「なんなんだ、この不気味な集団……。生気がない。若者特有の血気というか、勢いがない」
私は、28歳から2年間、防衛大学校の指導教官をしていた。主な仕事は、各学年10名程度で編成される学生小隊の生活指導だった。
学生は毎朝、行進して授業に向かう。その様子を初めて目にしたとき、強制労働に向かう囚人らのように見えた。指導官の目をひどく気にしながら、自我を殺し、指示どおりに行動しているからだった。
彼らの年齢のときの私といえば、日本体育大学の合宿所で、自我しかない生活をしていた。100分の1秒タイムを縮めるために何をすべきかしか考えていないし、他人の目はまったく気にならない。なぜなら、評価は競技での順位とストップウォッチが下すものだったからである。

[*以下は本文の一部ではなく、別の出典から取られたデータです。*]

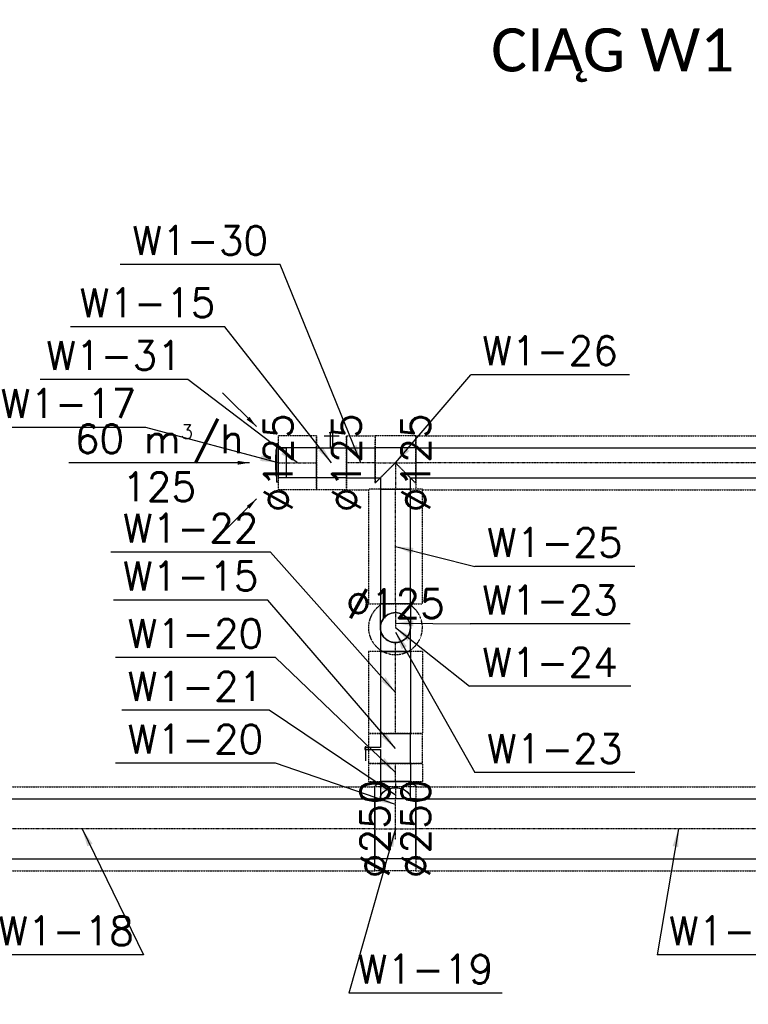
# Model space of a CAD drawing. Header units: millimetres. Extents: x -40063 to 512011, y 350190 to 687060.
# Tile 111 of 256: x 88964 to 92006, y 604242 to 608350. Entities that reach past the tile are written whole.
import ezdxf

# ---------------------------------------------------------------- set-up
doc = ezdxf.new("R2010")
doc.units = ezdxf.units.MM
doc.linetypes.add('DASHDOT', pattern=[1, 0.5, -0.25, 0, -0.25])
doc.linetypes.add('DASHED', pattern=[0.75, 0.5, -0.25])
doc.layers.get('0').update_dxf_attribs({"color": 8})
for name, color, linetype in [('FLUID-W1', 7, 'Continuous'), ('FLUID-W1-120-ARRGR', 7, 'Continuous'), ('FLUID-W1-120-DIM', 7, 'Continuous'), ('FLUID-W1-120-NUM', 7, 'Continuous'), ('FLUID-W1-INS', 7, 'Continuous'), ('FLUID-W1-SYM', 7, 'Continuous'), ('IS_WM_OPIS', 7, 'Continuous')]:
    doc.layers.add(name, color=color, linetype=linetype)
doc.styles.add('FDBES', font='simplex.shx')
doc.styles.get("Standard").update_dxf_attribs({"font": 'arial.ttf'})
doc.dimstyles.new('FDBES', dxfattribs={"dimscale": 50, "dimtxt": 4, "dimasz": 2.5, "dimexe": 0.8, "dimexo": 2, "dimgap": 1, "dimtad": 1, "dimdsep": 46, "dimtxsty": 'FDBES', "dimcen": 2.5, "dimclrd": 4, "dimclre": 5, "dimadec": 0, "dimazin": 0, "dimtfac": 1, "dimtmove": 0, "dimatfit": 3, "dimfxl": 1, "dimarcsym": 0})

# ---------------------------------------------------------------- blocks, each defined once
blk = doc.blocks.new('*U16593')
at = {"color": 1, "linetype": 'Continuous', "lineweight": -2}
for p, q in [((-1097, 125), (-1097, 0)), ((1097, 0), (1097, 70.9)), ((-1097, 0), (-1097, -125)), ((1097, -69.4), (1097, 0)), ((1097, -125), (1097, -69.4))]:
    blk.add_line(p, q, dxfattribs=at)
at = {"color": 0, "linetype": 'ByBlock', "lineweight": -2}
for p, q in [((1097, 125), (-1097, 125)), ((1097, -125), (-1097, -125))]:
    blk.add_line(p, q, dxfattribs=at)
at = {"color": 1, "linetype": 'Continuous', "lineweight": -3}
blk.add_line((1097, 70.9), (1097, 125), dxfattribs=at)
at = {"layer": 'FLUID-W1-INS', "color": 1, "linetype": 'DASHED', "lineweight": -3}
for p, q in [((-1097, 175), (-1097, 125)), ((1097, 175), (-1097, 175)), ((1097, 171.7), (1097, 175)), ((-1097, -125), (-1097, -175)), ((1097, -175), (1097, -125)), ((1097, -175), (-1097, -175))]:
    blk.add_line(p, q, dxfattribs=at)
at = {"layer": 'FLUID-W1-SYM', "color": 1, "linetype": 'DASHDOT', "lineweight": -3}
for p, q in [((-1097, 0), (1069.5, 0)), ((1069.5, 0), (1097, 0))]:
    blk.add_line(p, q, dxfattribs=at)
blk = doc.blocks.new('*U16588')
at = {"color": 0, "linetype": 'ByBlock', "lineweight": -2}
for p, q in [((-81, 0, 7), (81, 0, 7)), ((62.5, 0, -35), (-62.5, 0, -35)), ((62.5, 0, -35), (62.5, 0, 0)), ((81, 0, 0), (81, 0, 7)), ((-81, 0, 7), (-81, 0, 0)), ((-62.5, 0, 0), (-62.5, 0, -35))]:
    blk.add_line(p, q, dxfattribs=at)
at = {"color": 0, "linetype": 'ByBlock', "lineweight": -2, "extrusion": (6.12323e-17, -1, 8.2173e-33)}
blk.add_ellipse((0, 0, 7), major_axis=(-57.5, 0), ratio=0.052174, start_param=3.141593, end_param=4.712389, dxfattribs=at)
at = {"color": 0, "linetype": 'ByBlock', "lineweight": -2}
blk.add_open_spline([(0, 0, 10), (-0.9, 0, 10), (-2.6, 0, 10), (-5.2, 0, 10), (-7.7, 0, 10), (-10.3, 0, 10), (-12.8, 0, 9.9), (-15.3, 0, 9.9), (-17.8, 0, 9.9), (-20.2, 0, 9.8), (-22.6, 0, 9.8), (-24.9, 0, 9.7), (-27.2, 0, 9.6), (-29.5, 0, 9.6), (-31.7, 0, 9.5), (-33.8, 0, 9.4), (-35.8, 0, 9.3), (-37.8, 0, 9.3), (-39.7, 0, 9.2), (-41.5, 0, 9.1), (-43.3, 0, 9), (-44.9, 0, 8.9), (-46.5, 0, 8.8), (-48, 0, 8.7), (-49.3, 0, 8.5), (-50.6, 0, 8.4), (-51.8, 0, 8.3), (-52.8, 0, 8.2), (-53.8, 0, 8.1), (-54.7, 0, 7.9), (-55.4, 0, 7.8), (-56, 0, 7.7), (-56.5, 0, 7.6), (-57, 0, 7.4), (-57.2, 0, 7.3), (-57.4, 0, 7.2), (-57.5, 0, 7), (-57.5, 0, 7)], degree=3, knots=[0, 0, 0, 0, 2.579592, 5.154314, 7.718326, 10.267237, 12.795217, 15.297878, 17.769363, 20.205324, 22.600862, 24.950642, 27.250781, 29.495904, 31.682126, 33.804622, 35.858956, 37.841776, 39.748725, 41.575453, 43.31951, 44.976495, 46.54317, 48.016547, 49.394339, 50.673158, 51.850687, 52.925027, 53.893576, 54.755178, 55.508476, 56.152567, 56.686672, 57.111297, 57.42982, 57.649384, 57.796142, 57.796142, 57.796142, 57.796142], dxfattribs=at)
blk = doc.blocks.new('*U16587')
at = {"color": 1, "linetype": 'Continuous', "lineweight": -2}
for p, q in [((-80, 0), (-80, 62.5)), ((80, 62.5), (80, 0)), ((-80, -62.5), (-80, 0)), ((80, 0), (80, -62.5))]:
    blk.add_line(p, q, dxfattribs=at)
at = {"color": 0, "linetype": 'ByBlock', "lineweight": -2}
for p, q in [((80, 62.5), (-80, 62.5)), ((80, -62.5), (-80, -62.5))]:
    blk.add_line(p, q, dxfattribs=at)
at = {"layer": 'FLUID-W1-INS', "color": 1, "linetype": 'DASHED', "lineweight": -3}
for p, q in [((-80, 62.5), (-80, 112.5)), ((80, 112.5), (-80, 112.5)), ((80, 112.5), (80, 62.5)), ((-80, -112.5), (-80, -62.5)), ((80, -62.5), (80, -112.5)), ((80, -112.5), (-80, -112.5))]:
    blk.add_line(p, q, dxfattribs=at)
at = {"layer": 'FLUID-W1-SYM', "color": 1, "linetype": 'DASHDOT', "lineweight": -3}
blk.add_line((-80, 0), (80, 0), dxfattribs=at)
blk = doc.blocks.new('*U15520')
at = {"color": 0, "linetype": 'ByBlock', "lineweight": -2}
for p, q in [((62.5, 0, -62.5), (-62.5, 0, -62.5)), ((-62.5, 0, 62.5), (-4, 0, 62.5)), ((-31.2, 0, 112.5), (31.2, 0, 112.5)), ((43, 0, 125), (-10.1, 0, 125)), ((-4, 0, 62.5), (-4, 0, 127.5)), ((4, 0, 127.5), (-4, 0, 127.5)), ((4, 0, 127.5), (4, 0, 62.5)), ((4, 0, 62.5), (62.5, 0, 62.5)), ((51.8, 0, 125), (43, 0, 125))]:
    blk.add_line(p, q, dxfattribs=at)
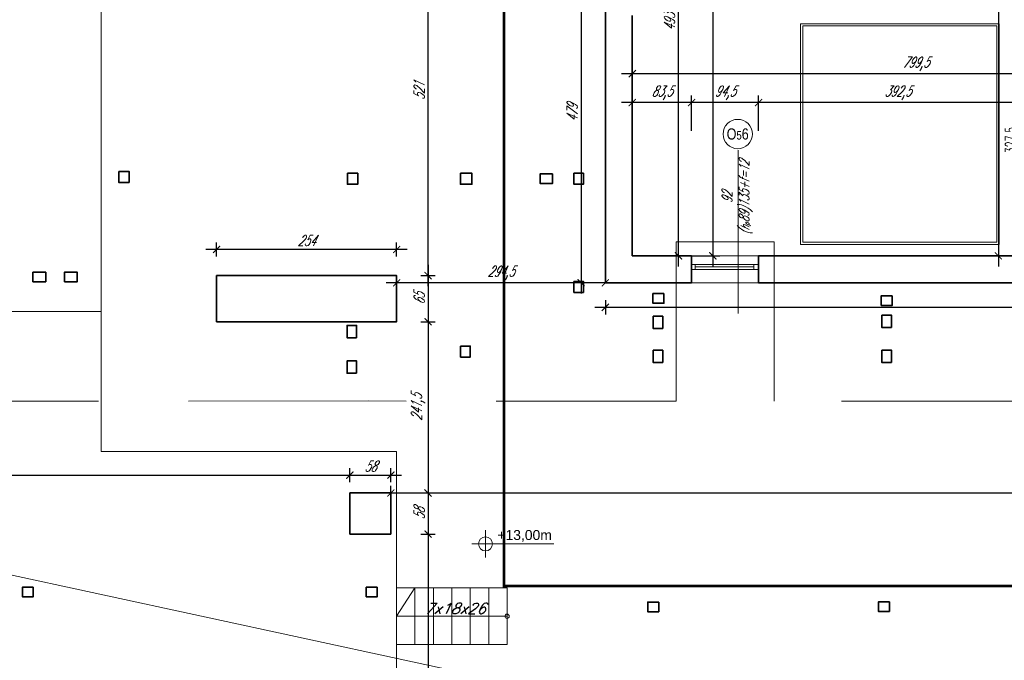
# Model space of a CAD drawing. Header units: millimetres. Extents: x 402 to 79005, y -7782 to 89952.
# Tile 11 of 256: x 25107 to 26496, y 7051 to 7954. Entities that reach past the tile are written whole.
import ezdxf
from ezdxf.enums import TextEntityAlignment as Align

# ---------------------------------------------------------------- set-up
doc = ezdxf.new("R2010")
doc.units = ezdxf.units.MM
doc.header["$LTSCALE"] = 10
doc.linetypes.add('DASHED', pattern=[19.05, 12.7, -6.35])
doc.layers.get('0').update_dxf_attribs({"lineweight": 0})
doc.layers.get('Defpoints').update_dxf_attribs({"color": 253})
for name, color, linetype, lineweight in [('01-2_konstrukcja dachu', 253, 'Continuous', 35), ('01_ściany', 253, 'Continuous', 35), ('03-01_okna', 253, 'Continuous', 15), ('03-02_schody', 253, 'Continuous', 5), ('04-1_widok', 253, 'Continuous', 5), ('04-2_nad', 253, 'DASHED', 5), ('05-01_wymiary', 253, 'Continuous', 5), ('05-03_opis', 253, 'Continuous', 5), ('0_A_DŹWIG OSOBOWY', 5, 'Continuous', 0), ('0_A_GRANICA OPRACOWANIA', 1, 'Continuous', 0), ('0_A_WYMIAROWANIE', 1, 'Continuous', 5), ('0_SZKLANA ELEWACJA SZYBU WINDOWEGO', 132, 'Continuous', 0)]:
    doc.layers.add(name, color=color, linetype=linetype, lineweight=lineweight)
doc.styles.add('arial', font='ARIAL.TTF')
doc.styles.add('ariel', font='ARIAL.TTF', dxfattribs={"width": 0.8})
doc.styles.add('ariel_wym', font='simplex.shx', dxfattribs={"width": 0.65, "oblique": 25})
doc.styles.add('SIMPLEXD', font='simplex.shx', dxfattribs={"width": 0.6})
doc.dimstyles.new('1-100', dxfattribs={"dimtxt": 16, "dimasz": 5, "dimexe": 0, "dimexo": 0, "dimgap": 5, "dimtad": 1, "dimdec": 1, "dimtxsty": 'SIMPLEXD', "dimcen": 5, "dimclrt": 256, "dimadec": 0, "dimazin": 0, "dimtfac": 1, "dimtdec": 0, "dimtix": 1, "dimtmove": 1, "dimatfit": 3, "dimldrblk": 'LP', "dimfxl": 0, "dimarcsym": 0})
doc.dimstyles.new('ariel 50', dxfattribs={"dimtxt": 15, "dimasz": 10, "dimexe": 10, "dimexo": 0, "dimgap": 5, "dimtad": 1, "dimdec": 1, "dimrnd": 0.5, "dimtxsty": 'ariel_wym', "dimblk": 'ARCHTICK', "dimcen": 2.5, "dimdle": 15, "dimazin": 0, "dimtfac": 1, "dimtdec": 1, "dimtix": 1, "dimtmove": 0, "dimatfit": 3, "dimldrblk": 'DOT', "dimfxl": 0, "dimarcsym": 0})
doc.dimstyles.new('ariel 50 wnętrze', dxfattribs={"dimtxt": 15, "dimasz": 10, "dimexe": 10, "dimexo": 0, "dimgap": 5, "dimtad": 1, "dimdec": 1, "dimrnd": 0.5, "dimtxsty": 'ariel_wym', "dimblk": 'ARCHTICK', "dimcen": 2.5, "dimdle": 15, "dimazin": 0, "dimtfac": 1, "dimtdec": 1, "dimtix": 1, "dimtmove": 0, "dimatfit": 3, "dimldrblk": 'DOT', "dimfxl": 0, "dimarcsym": 0})

# ---------------------------------------------------------------- blocks, each defined once
blk = doc.blocks.new('_ArchTick')
at = {"color": 0, "linetype": 'ByBlock', "const_width": 0.15}
blk.add_lwpolyline([(-0.5, -0.5), (0.5, 0.5)], dxfattribs=at)
blk = doc.blocks.new('*D3452')
at = {"layer": '05-01_wymiary', "color": 0, "lineweight": -2}
for p, q in [((26036.7, 7605.9), (26036.7, 8128.9)), ((25996.7, 8113.9), (26046.7, 8113.9)), ((25996.7, 7620.9), (26046.7, 7620.9))]:
    blk.add_line(p, q, dxfattribs=at)
at = {"layer": 'Defpoints', "color": 0, "lineweight": 0}
for p in [(25885.1, 8113.9), (26036.7, 8113.9), (25971.6, 7620.9)]:
    blk.add_point(p, dxfattribs=at)
at = {"layer": '05-01_wymiary', "color": 0, "lineweight": -2, "xscale": 10, "yscale": 10, "zscale": 10}
for p, rotation in [((26036.7, 8113.9), 90), ((26036.7, 7620.9), 270)]:
    blk.add_blockref('_ArchTick', p, dxfattribs=dict(at, rotation=rotation))
at = {"layer": '05-01_wymiary', "color": 0, "insert": (26024.2, 7950.7), "char_height": 15, "attachment_point": 5, "rotation": 90, "style": 'ariel_wym'}
blk.add_mtext('493', dxfattribs=at)
blk = doc.blocks.new('_Dot')
at = {"color": 0, "linetype": 'ByBlock', "lineweight": -2}
blk.add_line((-0.5, 0), (-1, 0), dxfattribs=at)
at = {"color": 0, "linetype": 'ByBlock', "const_width": 0.5}
blk.add_lwpolyline([(-0.25, 0, 1), (0.25, 0, 1)], format="xyb", close=True, dxfattribs=at)
blk = doc.blocks.new('*D3456')
at = {"layer": '05-01_wymiary', "color": 0, "lineweight": -2}
for p, q in [((26085.2, 8413.9), (26085.2, 7605.9)), ((26045.2, 8398.9), (26095.2, 8398.9)), ((26045.2, 7620.9), (26095.2, 7620.9))]:
    blk.add_line(p, q, dxfattribs=at)
at = {"layer": 'Defpoints', "color": 0, "lineweight": 0}
for p in [(25177.7, 8398.9), (25971.6, 7620.9), (26085.2, 7620.9)]:
    blk.add_point(p, dxfattribs=at)
at = {"layer": '05-01_wymiary', "color": 0, "lineweight": -2, "xscale": 10, "yscale": 10, "zscale": 10}
for p, rotation in [((26085.2, 8398.9), 90), ((26085.2, 7620.9), 270)]:
    blk.add_blockref('_ArchTick', p, dxfattribs=dict(at, rotation=rotation))
at = {"layer": '05-01_wymiary', "color": 0, "insert": (26072.7, 8009.9), "char_height": 15, "attachment_point": 5, "rotation": 90, "style": 'ariel_wym'}
blk.add_mtext('778', dxfattribs=at)
blk = doc.blocks.new('*D3504')
at = {"layer": '05-01_wymiary', "color": 0, "lineweight": -2}
for p, q in [((26488, 9358.9), (26488, 7605.9)), ((26528, 9343.9), (26478, 9343.9)), ((26528, 7620.9), (26478, 7620.9))]:
    blk.add_line(p, q, dxfattribs=at)
at = {"layer": 'Defpoints', "color": 0, "lineweight": 0}
for p in [(26771.2, 9343.9), (26488, 7620.9), (26771.2, 7620.9)]:
    blk.add_point(p, dxfattribs=at)
at = {"layer": '05-01_wymiary', "color": 0, "lineweight": -2, "xscale": 10, "yscale": 10, "zscale": 10}
for p, rotation in [((26488, 9343.9), 90), ((26488, 7620.9), 270)]:
    blk.add_blockref('_ArchTick', p, dxfattribs=dict(at, rotation=rotation))
at = {"layer": '05-01_wymiary', "color": 0, "insert": (26475.5, 8482.4), "char_height": 15, "attachment_point": 5, "rotation": 90, "style": 'ariel_wym'}
blk.add_mtext('1723', dxfattribs=at)
blk = doc.blocks.new('*D3541')
at = {"layer": '05-01_wymiary', "color": 0, "lineweight": -2}
for p, q in [((26557.3, 7837), (26134.8, 7837)), ((26149.8, 7797), (26149.8, 7847)), ((26542.3, 7797), (26542.3, 7847))]:
    blk.add_line(p, q, dxfattribs=at)
at = {"layer": 'Defpoints', "color": 0, "lineweight": 0}
for p in [(26149.8, 7837), (26149.8, 7582.9), (26542.3, 7582.9)]:
    blk.add_point(p, dxfattribs=at)
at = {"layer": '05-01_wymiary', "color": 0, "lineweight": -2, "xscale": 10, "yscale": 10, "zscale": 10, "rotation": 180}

生まれて初めて見る血気のない若者たちは、いったい何を考えているのか。彼らの頭の中を知りたくて、すぐに学生小隊全員と個別に面接をした。聞いたことはただ一つ。
「防大に、何をしに来たんだ?」
答えは3種類しかなかった。
「授業料が無料だから」
「誰々に勧められたから」
「幹部の道が約束されているから」
どうして「〇〇をするため」という願望がないのか、どうして「自分が」という主語がないのか、さらにどうして他人の勧めで自分の人生を決めてしまうのか。
私はまったく理解ができず、むなしいような、情けないような、悲しい気持ちになっていった。
本当は主体的に生きたい
このままでは、彼らを理解しようとする気力さえもなくなると思い、自分の感情をぶつけてみた。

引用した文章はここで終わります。